SAN ANTONIO -- Switching postmenopausal breast cancer patients to an aromatase inhibitor following 2-3 years of adjuvant tamoxifen results in markedly better disease-free survival than the traditional 5 full years of tamoxifen, according to three major randomized trials presented at a breast cancer symposium sponsored by the Cancer Therapy and Research Center.
Raimund Jakesz, M.D., recommended that breast cancer patients who fit the profile of participants in two European clinical trials he reported on at the conference be routinely switched to 3 years of anastrozole (Arimidex) after 2 years of tamoxifen.
He reported on more than 3,100 breast cancer patients in the AstraZeneca-sponsored Austrian Breast and Colo rectal Cancer Study Group Trial 8 and the German Adjuvant Breast Cancer Group ARNO 95 study who were randomized to 5 years of adjuvant tamoxifen or to 2 years of tamoxifen followed by 3 years of anastrozole.

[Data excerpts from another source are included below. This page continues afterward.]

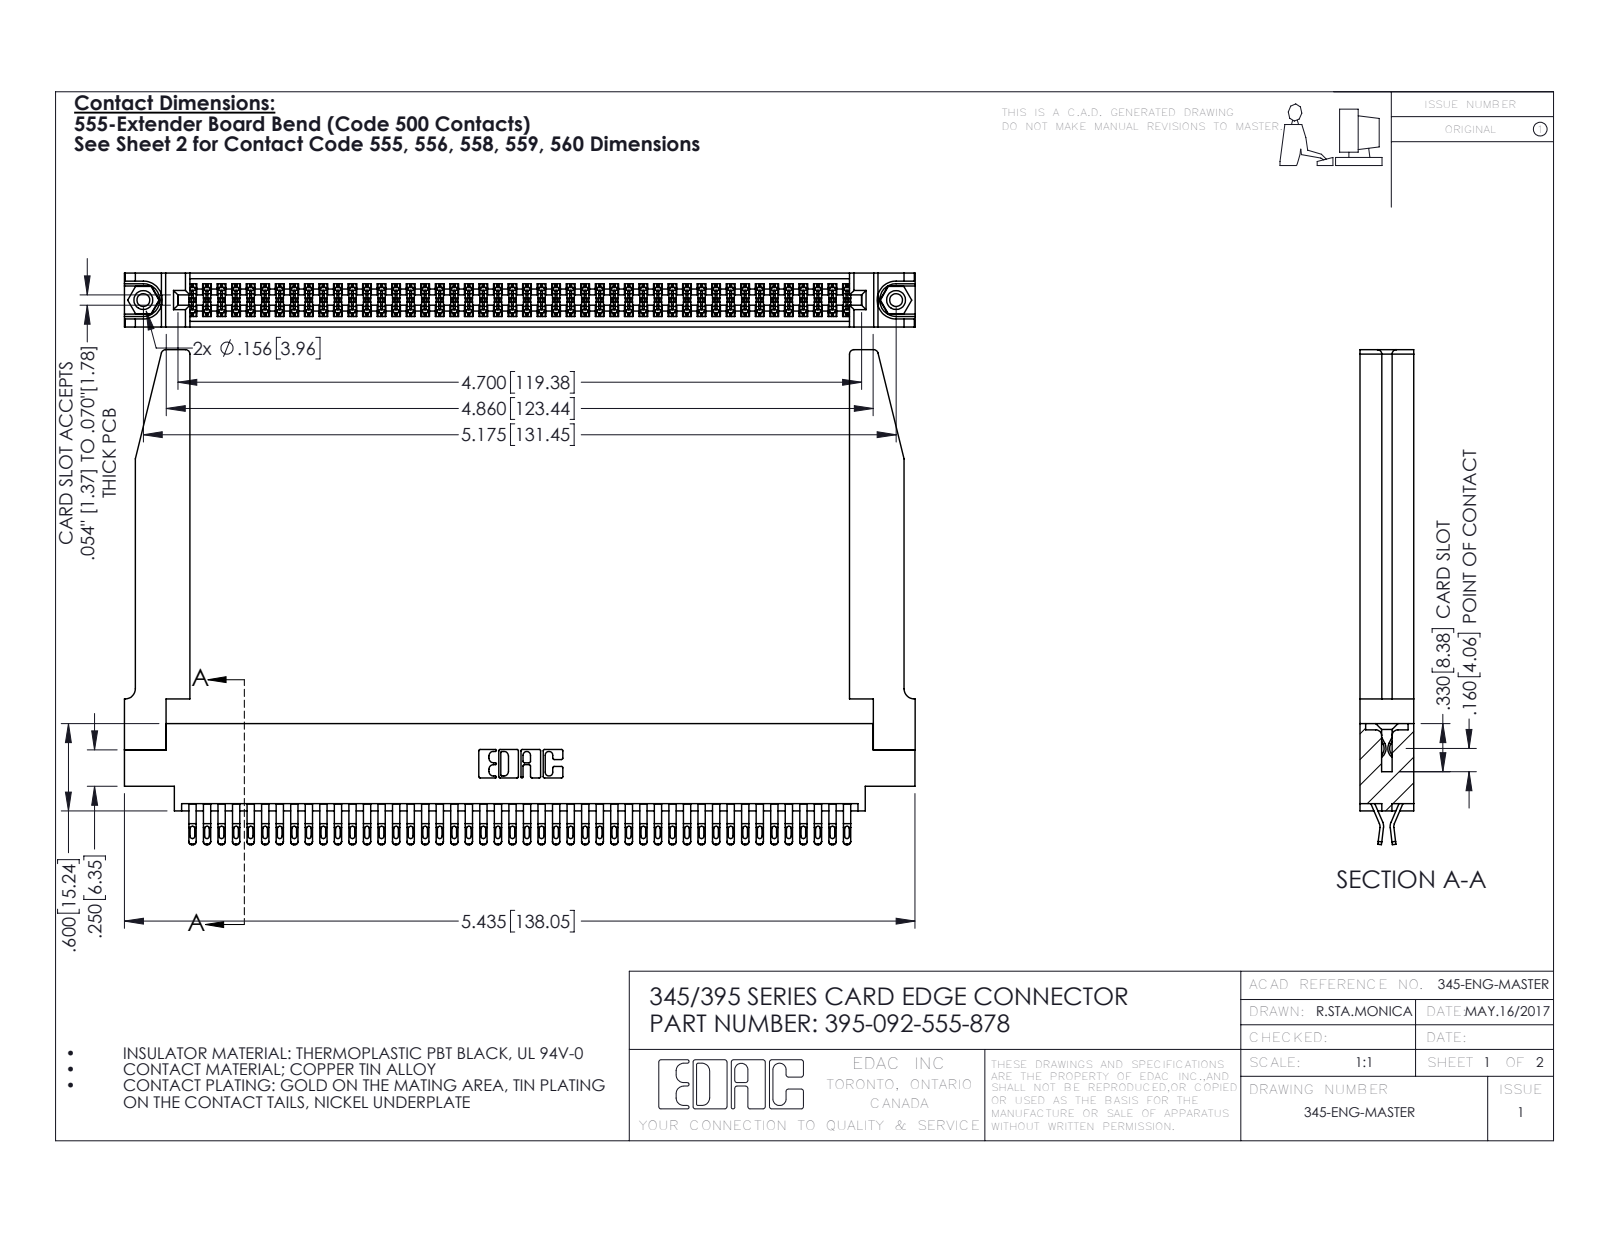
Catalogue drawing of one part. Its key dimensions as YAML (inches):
part_name: "345 Part_0.170 Offset - 0.156 Dia-TH; 345-220-078_345-220-078; 395-092-555-878; 345-250-001_345-250-001-102 (+1 more)"
step_written_by: "SolidWorks 2016 (CONFIG_CONTROL_DESIGN)"
units: inches
bodies: {solids: 97, faces: 5516, planar: 3078, cylindrical: 2386, other: 52}
overall_size: [5.436, 3.402, 0.37]
volume: 1.304
surface_area: 43.55
round_holes:
  - {diameter: 0.089, count: 2}
  - {diameter: 0.125, count: 2}
  - {diameter: 0.156, count: 2}
  - {diameter: 0.064, count: 1}
round_bosses_or_shafts:
  - {diameter: 0.155, count: 2}
partial_cylinders:
  - {radius: 0.016, count: 230}
  - {radius: 0.02, count: 184}
  - {radius: 0.006, count: 138}
  - {radius: 0.01, count: 22}
  - {radius: 0.03, count: 8}
  - {radius: 0.007, count: 6}
  - {radius: 0.031, count: 6}
  - {radius: 0.026, count: 3}
face_to_face_distances: [0.37, 0.072, 0.298, 0.025, 0.2, 0.098, 0.272, 0.225, 0.175, 0.148]
hole_center_spacings: [0.27, 4.939, 5.175]
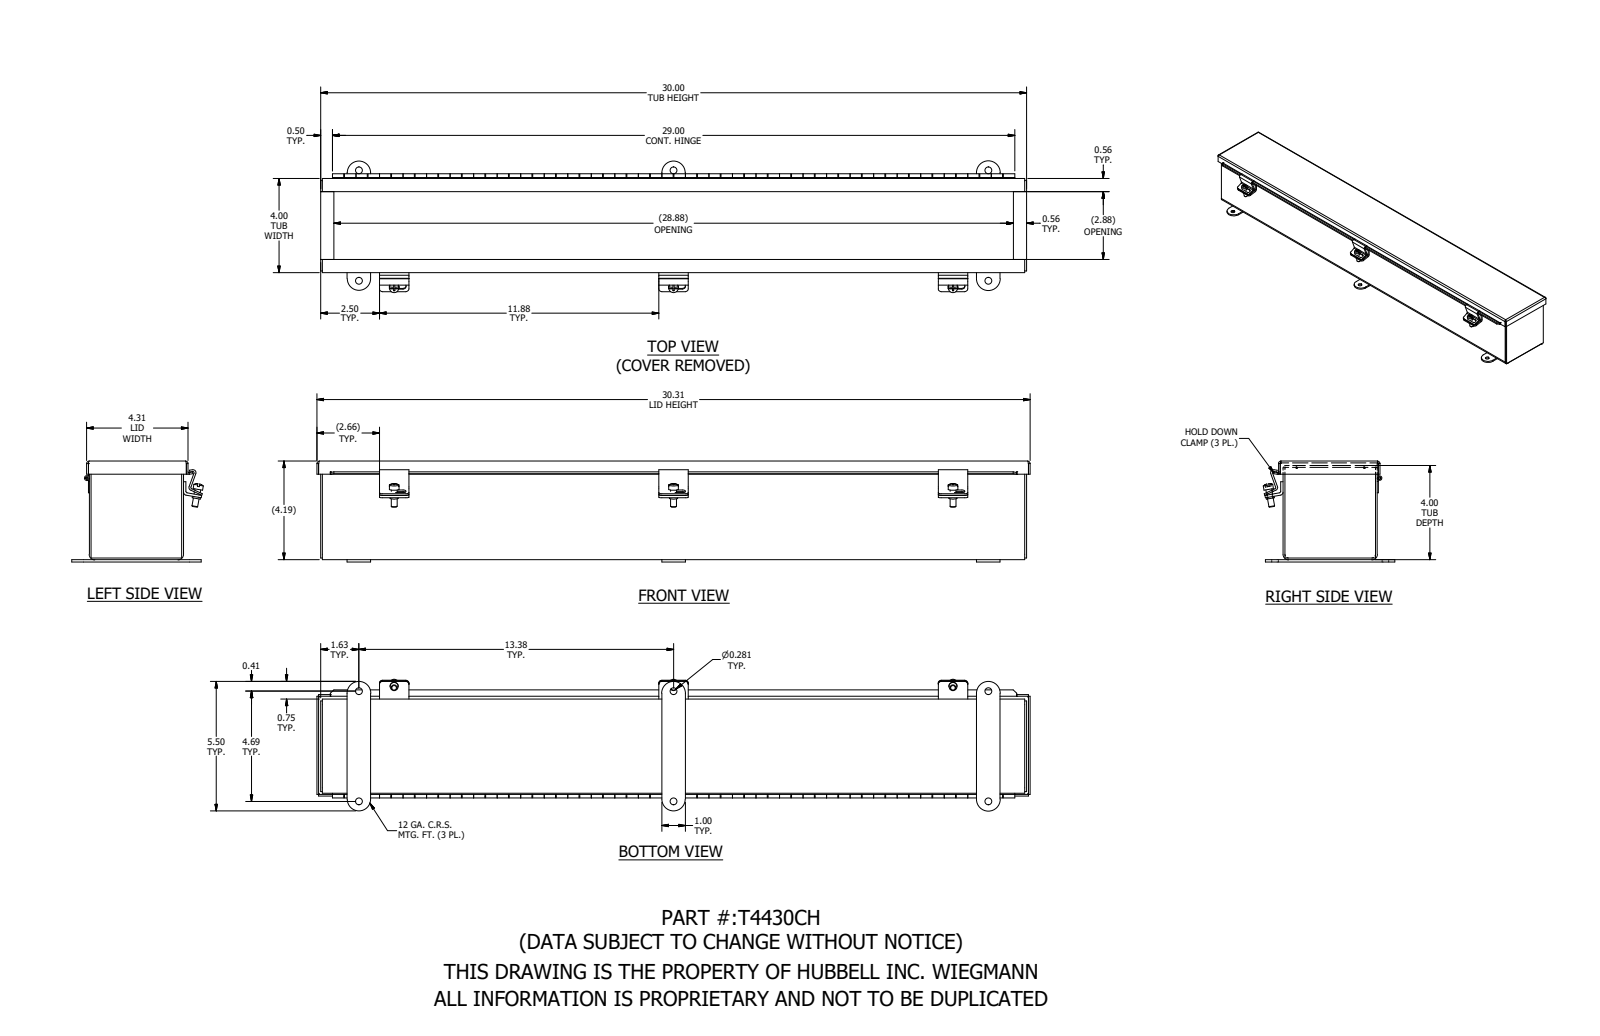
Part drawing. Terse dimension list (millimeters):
name: T4430CH
written by: SolidWorks 2021 (AUTOMOTIVE_DESIGN)
unit: mm
bodies: 19 solids, 741 faces (378 planar, 340 cylindrical, 23 other)
size: 770 × 142.1 × 108.8
volume: 773 500 mm³; area: 858 100 mm²
holes: 6× ⌀7.1, 3× ⌀5, 1× ⌀2.9
bosses: 3× ⌀10.4, 3× ⌀8.7, 3× ⌀6.4, 1× ⌀5.1, 1× ⌀2.5
rounds: 12× R3.2, 9× R0.8, 9× R2.7, 6× R3.4, 6× R12.7, 3× R1.6, 3× R3.2, 2× R4
face distances: 1.9, 99.7, 104.5, 101.6, 97.8, 106.4, 102.6, 4.8, 102.7, 2.9
hole spacings: 119, 339.7, 339.7, 360, 360, 679.5, 689.8, 301.6
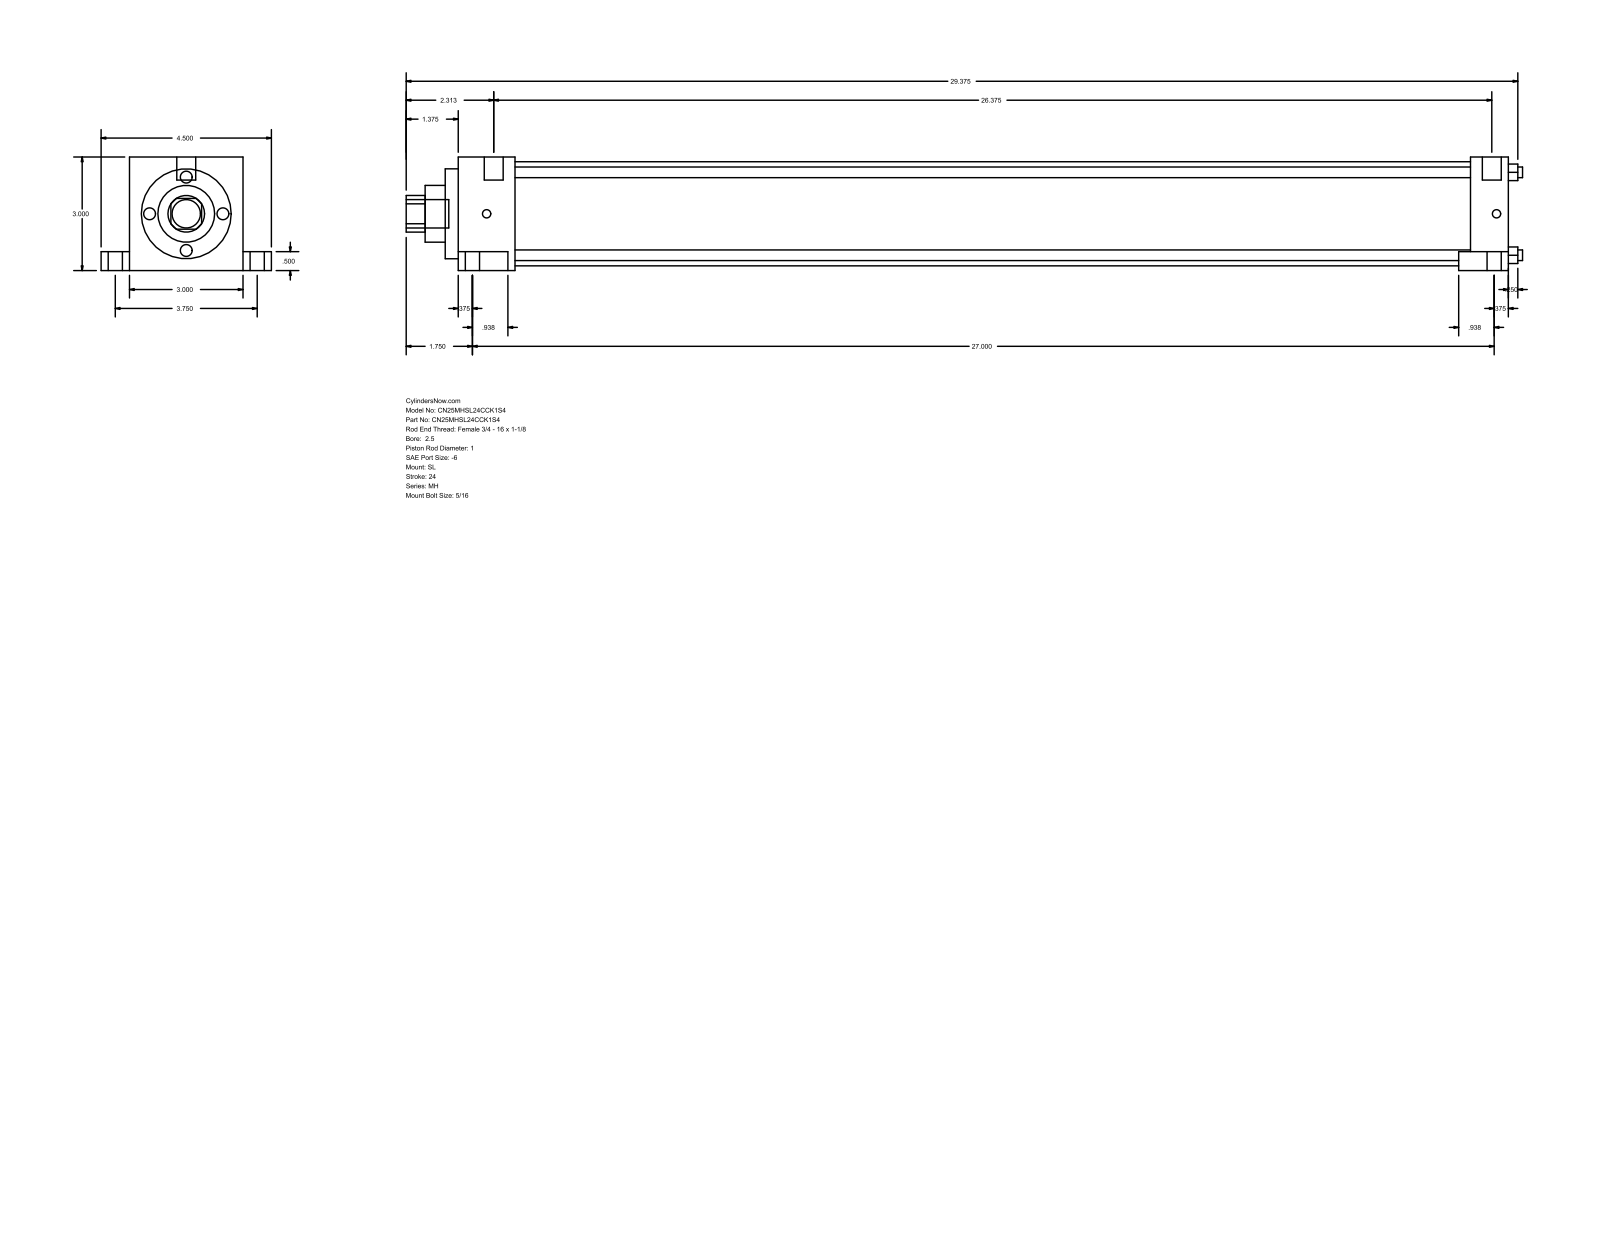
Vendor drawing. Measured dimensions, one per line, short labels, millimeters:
name: MH_SL__0250_1
written by: GSSL Pune (CONFIG_CONTROL_DESIGN)
unit: mm
bodies: 0 solids, 86 faces (61 planar, 25 cylindrical, 0 other)
size: 749.3 × 114.3 × 76.2
holes: 4× ⌀7.14, 1× ⌀25.4, 1× ⌀38.1, 1× ⌀60.33, 1× ⌀69.85
bosses: 2× ⌀15.88, 2× ⌀9.53, 2× ⌀5.56, 1× ⌀19.05, 1× ⌀12.7
rounds: 1× R12.29
face distances: 76.2, 25.39, 688.19, 713.58, 12.7, 63.5, 19.05, 95.25, 13.49, 701.68
hole spacings: 39.33, 55.62, 78.66
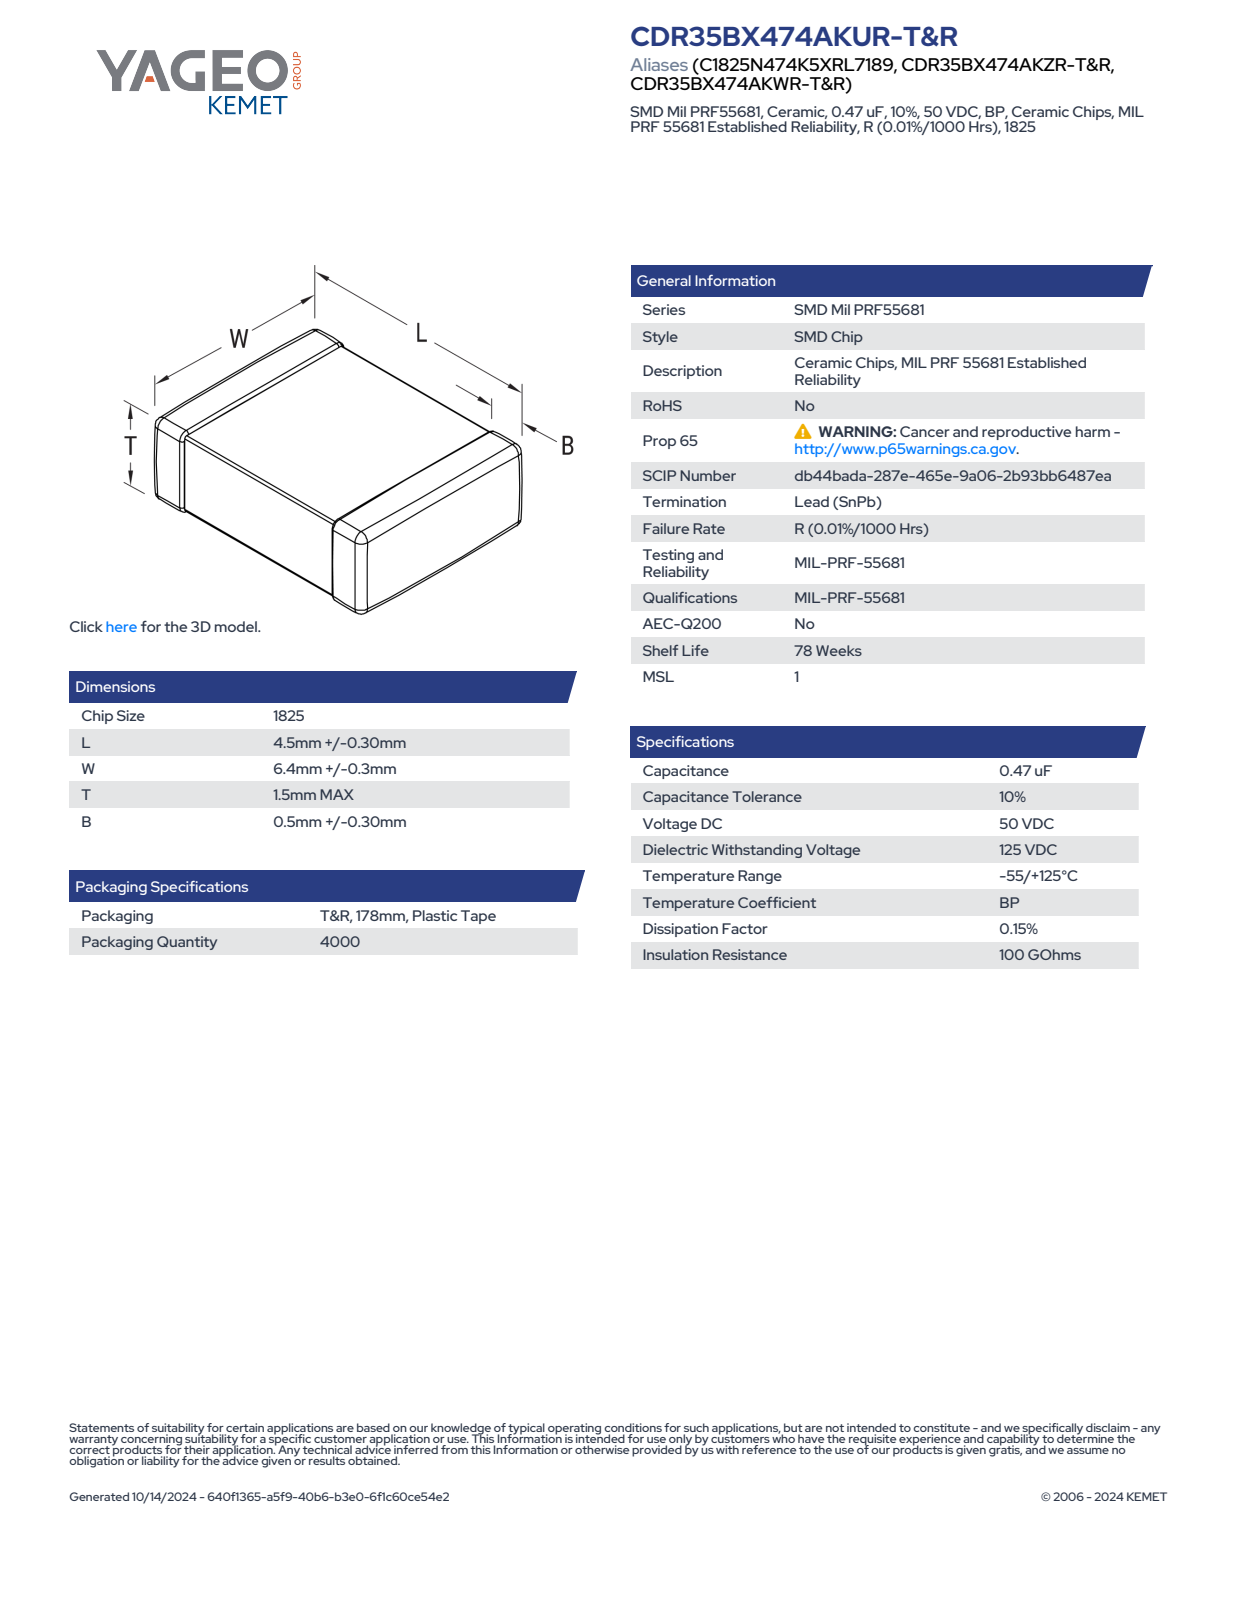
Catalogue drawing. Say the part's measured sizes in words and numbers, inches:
The part is named "CCS_STDNOS_1825_L4.8W6.7T1.5B0.8". Its 3-D file was written by "SolidWorks 2021 (AUTOMOTIVE_DESIGN)". It is 4 solids with 125 faces: 71 planar, 38 cylindrical and 16 other. Overall it measures 0.264 by 0.189 by 0.059 inches. Its volume is 0.003 cubic inches and its surface area 0.15 square inches. Partial cylindrical surfaces (rounded edges, fillets, slot ends): 24 of radius 0.006. The main face-to-face distances are 0.048, 0.054, 0.189, 0.059, 0.253, 0.258, 0.264, 0.054, 0.048, 0.013.

The 3-year rate of freedom from locoregional recurrence, distant metastasis, and contralateral breast cancer was 95.8% in the tamoxifen/anastrozole group, compared with 92.7% in the tamoxifen arm. The likelihood of survival free of distant recurrence was 39% greater with tamoxifen followed by anastrozole, said Dr. Jakesz, professor of surgery at the University of Vienna.
All participants in the two randomized trials were postmenopausal, had hormone receptor-positive disease, and underwent breast-conserving therapy. One-quarter were node positive. None received chemotherapy. Forty percent were under 60 years old. Most patients had small, well-differentiated tumors.
In a separate presentation, Charles Coombes, M.D., presented an update on the Intergroup Exemestane Study (IES), in which 4,740 postmenopausal breast cancer patients were randomized to 5 years of adjuvant tamoxifen or switched to exemestane (Aromasin) after 2-3 years. At a median 37 months of follow-up, local or distant recurrence had developed in 264 women treated with tamoxifen and 193 switched to the aromatase inhibitor. That translated into a 27% increase in disease-free survival in patients who switched.
Twelve cases of contralateral breast cancer occurred in the tamoxifen/exemestane group, compared with 26 in those treated with tamoxifen alone.
In addition, there have been significantly fewer new primary cancers at sites other than the breast with exemestane: 46, compared with 59 in the tamoxifen-only arm. There have been, for example, 6 cases of lung cancer in the tamoxifen/exemestane group, compared with 13 in the tamoxifen group, and 2 cases of melanoma, compared with 5 cases in the tamoxifen-only arm. On the other hand, 20 acute MIs have occurred in patients switched to the aromatase inhibitor, versus just 8 MIs in the tamoxifen-only group, said Dr. Coombes, director of the Cancer Research UK Laboratories at Imperial College, London.
A midcourse switch from tamoxifen to an aromatase inhibitor makes a lot of sense, Hope S. Rugo, M.D., said at a satellite symposium held in conjunction with the San Antonio conference. Tamoxifen is of proven benefit in preventing recurrent breast cancer. It's a good drug with favorable ancillary effects on bone mineral density and the cardiovascular risk profile. But tamoxifen resistance can occur as early as 12-18 months after starting therapy.
Endometrial cancer and thromboembolism--side effects associated with tamoxifen--become more likely with longer treatment duration. Stopping tamoxifen early might prevent adverse events while providing protection against the increased fracture risk associated with 5 years of anastrozole in the Arimidex, Tamoxifen, Alone or in Combination (ATAC) trial, said Dr. Rugo, director of the breast oncology clinical trials program at the University of California, San Francisco, Comprehensive Cancer Center.